# Cytomel versus Dessicated



## HeidiBR (Apr 4, 2010)

Hi all -

I had my blood draw today and my follow up appointment with the endo is scheduled in 10 days.

If my FT3 is still in the basement (6 weeks ago it was 259 [range = 230-420]) I am going to ask/beg/demand/reason for the addition to T3 to my treatment, or a change from Synthroid to dessicated. I am currently taking Synthroid, 100.

I prefer the Cytomel as it seems dosage can be tweaked better to mimic the body's natural T4:T3 ration. However, it is pricey compared to dessicated. Money for meds is not a barrier to treatment, but it urkes me to know I would be spending a fraction per month on dessicated - if indeed dessicated works for me if I need the T3.
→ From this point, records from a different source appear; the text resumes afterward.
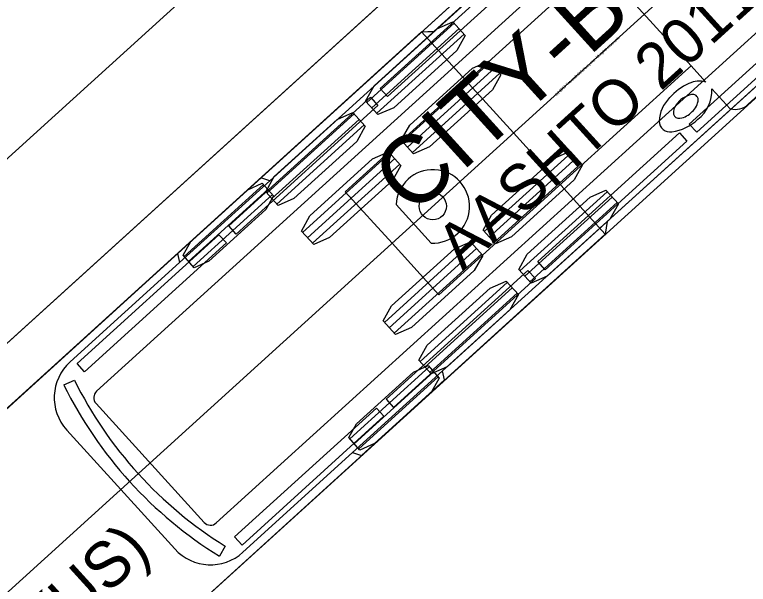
# Model space of a CAD drawing. Extents: x 1639988 to 1641860, y 841974 to 844187.
# Drawn here: x 1640743.86 to 1640766.69, y 844064.75 to 844082.48 of the extents above; entities that cross this region are included whole.
import ezdxf

# ---------------------------------------------------------------- set-up
doc = ezdxf.new("R2010")
doc.units = 0
for name, color, linetype in [('Scratch_Level_1', 7, 'Continuous'), ('Scratch_Level_2', 7, 'Continuous'), ('Scratch_Level_3', 7, 'Continuous'), ('Scratch_Level_4', 7, 'Continuous'), ('Scratch_Level_5', 7, 'Continuous'), ('Scratch_Level_6', 7, 'Continuous')]:
    doc.layers.add(name, color=color, linetype=linetype)

msp = doc.modelspace()

# ---------------------------------------------------------------- linework, layer by layer
at = {"layer": 'Scratch_Level_1'}
for p, q in [((1640767.683, 844099.846), (1640700.815, 844039.107)), ((1640606.388, 843939.823), (1640771.592, 844089.887)), ((1640764.905, 844080.888), (1640761.994, 844084.094)), ((1640757.534, 844082.212), (1640754.82, 844079.746)), ((1640757.688, 844082.042), (1640754.974, 844079.577)), ((1640757.842, 844081.872), (1640755.128, 844079.407)), ((1640758.643, 844080.99), (1640755.929, 844078.525)), ((1640758.797, 844080.821), (1640756.083, 844078.355)), ((1640758.951, 844080.651), (1640756.237, 844078.186)), ((1640754.425, 844079.388), (1640751.711, 844076.922)), ((1640754.579, 844079.218), (1640751.865, 844076.753)), ((1640754.733, 844079.048), (1640752.019, 844076.583)), ((1640755.534, 844078.166), (1640752.82, 844075.701)), ((1640761.187, 844078.19), (1640758.473, 844075.724)), ((1640755.688, 844077.997), (1640752.974, 844075.531)), ((1640761.341, 844078.02), (1640758.627, 844075.555)), ((1640755.842, 844077.827), (1640753.128, 844075.362)), ((1640761.495, 844077.851), (1640758.781, 844075.385)), ((1640762.296, 844076.968), (1640759.582, 844074.503)), ((1640762.45, 844076.799), (1640759.736, 844074.333)), ((1640755.731, 844076.564), (1640756.817, 844075.368)), ((1640762.604, 844076.629), (1640759.89, 844074.164)), ((1640758.078, 844075.366), (1640755.364, 844072.9)), ((1640758.232, 844075.196), (1640755.518, 844072.731)), ((1640758.386, 844075.027), (1640755.672, 844072.561)), ((1640759.187, 844074.144), (1640756.473, 844071.679)), ((1640759.342, 844073.975), (1640756.627, 844071.509)), ((1640759.496, 844073.805), (1640756.781, 844071.34))]:
    msp.add_line(p, q, dxfattribs=at)
for points in [[(1640808.793, 844131.447), (1640706.365, 844038.416), (1640702.379, 844034.843), (1640698.36, 844031.302), (1640694.302, 844027.802), (1640690.201, 844024.347), (1640686.055, 844020.942), (1640681.863, 844017.59), (1640677.628, 844014.295), (1640673.351, 844011.058), (1640669.032, 844007.881), (1640664.674, 844004.765), (1640660.276, 844001.71), (1640655.842, 843998.712), (1640651.385, 843995.755), (1640642.436, 843989.91), (1640624.5, 843978.327)], [(1640625.143, 843962.655), (1640720.123, 844048.882), (1640725.922, 844042.999), (1640720.615, 844049.33), (1640756.518, 844081.938), (1640756.914, 844081.958), (1640771.863, 844095.537), (1640777.242, 844089.616), (1640762.294, 844076.037), (1640762.236, 844075.649), (1640699.249, 844018.366), (1640667.744, 843989.646), (1640652.018, 843975.261), (1640636.326, 843960.847), (1640628.497, 843953.624)], [(1640765.367, 844080.38), (1640764.906, 844080.888), (1640764.729, 844080.728), (1640757.059, 844073.761), (1640755.603, 844075.364), (1640754.147, 844076.966), (1640761.817, 844083.934), (1640761.993, 844084.094), (1640761.532, 844084.602)], [(1640770.828, 844082.156), (1640770.764, 844082.098), (1640770.764, 844082.095), (1640770.801, 844081.7), (1640770.801, 844081.697), (1640770.713, 844081.617), (1640770.712, 844081.618), (1640770.418, 844082.323), (1640770.494, 844082.392), (1640770.74, 844082.145), (1640770.742, 844082.145), (1640770.8, 844082.199), (1640770.801, 844082.2), (1640770.801, 844082.201), (1640770.82, 844082.234), (1640770.82, 844082.235), (1640770.518, 844083.17), (1640766.686, 844079.689)], [(1640723.06, 844040.059), (1640723.074, 844040.043), (1640723.126, 844040.09), (1640727.32, 844043.902), (1640762.236, 844075.649), (1640759.377, 844078.794), (1640756.518, 844081.938), (1640721.602, 844050.191), (1640717.409, 844046.378), (1640717.357, 844046.33), (1640717.371, 844046.314)], [(1640766.125, 844079.546), (1640765.556, 844080.171)]]:
    msp.add_lwpolyline(points, dxfattribs=at)
for points in [[(1640757.495, 844082.254), (1640757.88, 844081.83), (1640757.616, 844081.358), (1640755.662, 844079.582), (1640755.166, 844079.365), (1640754.781, 844079.788), (1640755.045, 844080.261), (1640757, 844082.036)], [(1640758.605, 844081.032), (1640758.989, 844080.609), (1640758.725, 844080.136), (1640756.771, 844078.361), (1640756.275, 844078.144), (1640755.891, 844078.567), (1640756.155, 844079.04), (1640758.109, 844080.815)], [(1640754.387, 844079.43), (1640754.771, 844079.006), (1640754.507, 844078.534), (1640752.553, 844076.759), (1640752.057, 844076.541), (1640751.672, 844076.964), (1640751.937, 844077.437), (1640753.891, 844079.212)], [(1640755.496, 844078.208), (1640755.881, 844077.785), (1640755.616, 844077.312), (1640753.662, 844075.537), (1640753.166, 844075.32), (1640752.782, 844075.743), (1640753.046, 844076.216), (1640755, 844077.991)], [(1640761.149, 844078.232), (1640761.533, 844077.808), (1640761.269, 844077.336), (1640759.315, 844075.561), (1640758.819, 844075.343), (1640758.435, 844075.766), (1640758.699, 844076.239), (1640760.653, 844078.014)], [(1640762.258, 844077.011), (1640762.643, 844076.587), (1640762.379, 844076.114), (1640760.424, 844074.339), (1640759.929, 844074.122), (1640759.544, 844074.545), (1640759.808, 844075.018), (1640761.762, 844076.793)], [(1640758.04, 844075.408), (1640758.424, 844074.984), (1640758.16, 844074.512), (1640756.206, 844072.737), (1640755.71, 844072.519), (1640755.326, 844072.943), (1640755.59, 844073.415), (1640757.544, 844075.19)], [(1640759.149, 844074.187), (1640759.534, 844073.763), (1640759.27, 844073.29), (1640757.316, 844071.515), (1640756.82, 844071.298), (1640756.435, 844071.721), (1640756.699, 844072.194), (1640758.653, 844073.969)]]:
    msp.add_lwpolyline(points, close=True, dxfattribs=at)
msp.add_circle((1640756.87, 844076.515), 0.424, dxfattribs=at)
for centre, radius, start, end in [((1640765.165, 844079.68), 0.729, 73.9281, 116.4421), ((1640765.534, 844078.747), 1.73, 113.6255, 138.424), ((1640764.421, 844080.119), 1.136, 307.8294, 2.6207), ((1640765.056, 844079.269), 0.732, 100.8423, 147.0768), ((1640764.959, 844079.823), 0.169, 3.6976, 103.8163), ((1640765.042, 844079.092), 1.136, 134.9659, 176.4866), ((1640764.605, 844079.859), 0.522, 310.0811, 357.2452), ((1640764.715, 844079.428), 0.362, 138.9131, 187.954), ((1640766.27, 844080.148), 0.619, 256.4109, 312.2526), ((1640764.523, 844079.422), 0.172, 194.7984, 281.949), ((1640764.453, 844079.91), 0.664, 279.1251, 317.3468), ((1640764.254, 844079.172), 0.346, 181.8448, 278.8579), ((1640764.129, 844080.235), 1.416, 277.2546, 314.3224), ((1640756.872, 844076.51), 1.143, 267.2506, 177.2506)]:
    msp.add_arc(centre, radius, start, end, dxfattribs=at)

I don't even know if my endo will prescribe dessicated. I am thinking he does but doesn't prefer it, especially with Hashi patients.

I have a medical history of mitral valve prolapse, I think.

If you were in my shoes - what would you ask for?


----------



## Andros (Aug 26, 2009)

HeidiBR said:


> Hi all -
> 
> I had my blood draw today and my follow up appointment with the endo is scheduled in 10 days.
> 
> ...


You are right about the expense of Cytomel. I had to go on it because of Armour shortage. 18 months. Not only was the cost high but it did not make me feel well. I had stockpiled some Armour so I was taking part Armour and part Cytomel for all that time. It got me through and for that I am grateful but I hope I never have to take it again.

That said, bear in mind that we all are distinctly different and what did not work for me may very well work for you.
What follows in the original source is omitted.